What does this mean in an immigration context?
1. If a claimant loses in the First Tier Tribunal, the FTT refuses permission to appeal to the Upper Tribunal and the UT then also refuses permission to appeal to itself, an application for judicial review of the UT decision can then be made.
2. To succeed, such an application will need to demonstrate an error of law that raises an important point of principle or practice or show some other compelling reason for the case to be heard.
3. It is likely that some sort of streamlined process for consideration of these judicial reviews will be introduced, similar to the ‘statutory review’ process that existed between 2002 and 2010 in immigration and asylum cases. The main features of that old system were a short deadline for making the application and the consideration of the application on the papers only, with no possibility of an oral hearing. However, these restrictions were effected by primary legislation, and the CPR committee may not feel enabled to introduce similarly draconian measures without the imprimatur of an Act of Parliament.

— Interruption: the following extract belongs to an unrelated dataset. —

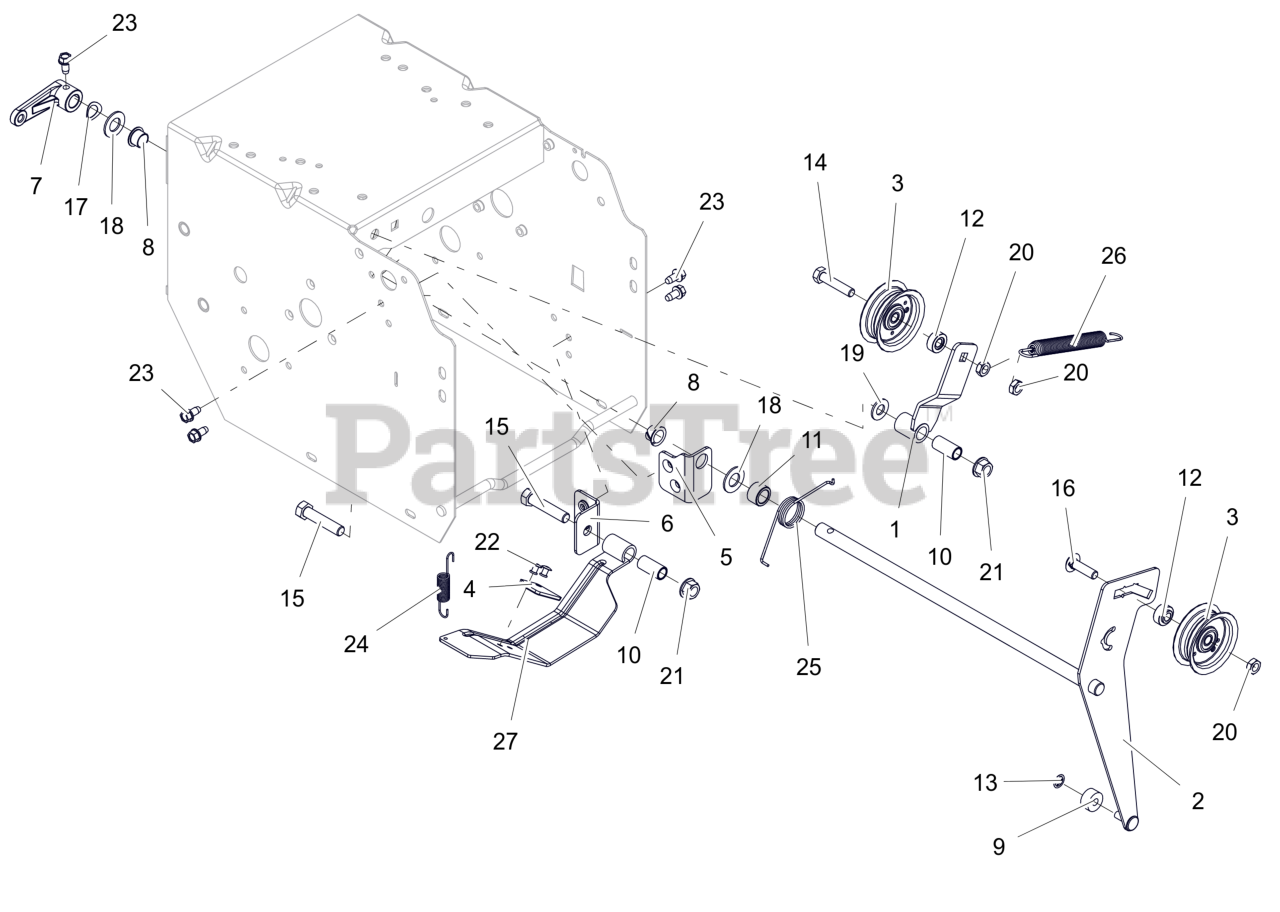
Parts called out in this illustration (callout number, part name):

4. Anyone with cases where a judicial review of an Upper Tribunal decision to refuse permission to appeal to itself was contemplated but not pursued because the criteria established by the High Court and Court of Appeal were too severe should think again and decide whether there is merit in making such an application. I can think of at least one such case I dealt with recently. At the moment the normal process for lodging an application for judicial review will apply. One would expect the three month deadline to be waived where a potential claimant held off making an application because the established law at the time was unfavourable.
Old hands at this — which increasingly includes myself, I suppose — will marvel at the turning of the wheel and the fact that we are now basically back where we started in 2002 but with two stages of seeking permission to appeal from an initial tribunal decision as well as the possibility of judicial review of the senior tribunal’s refusal of permission.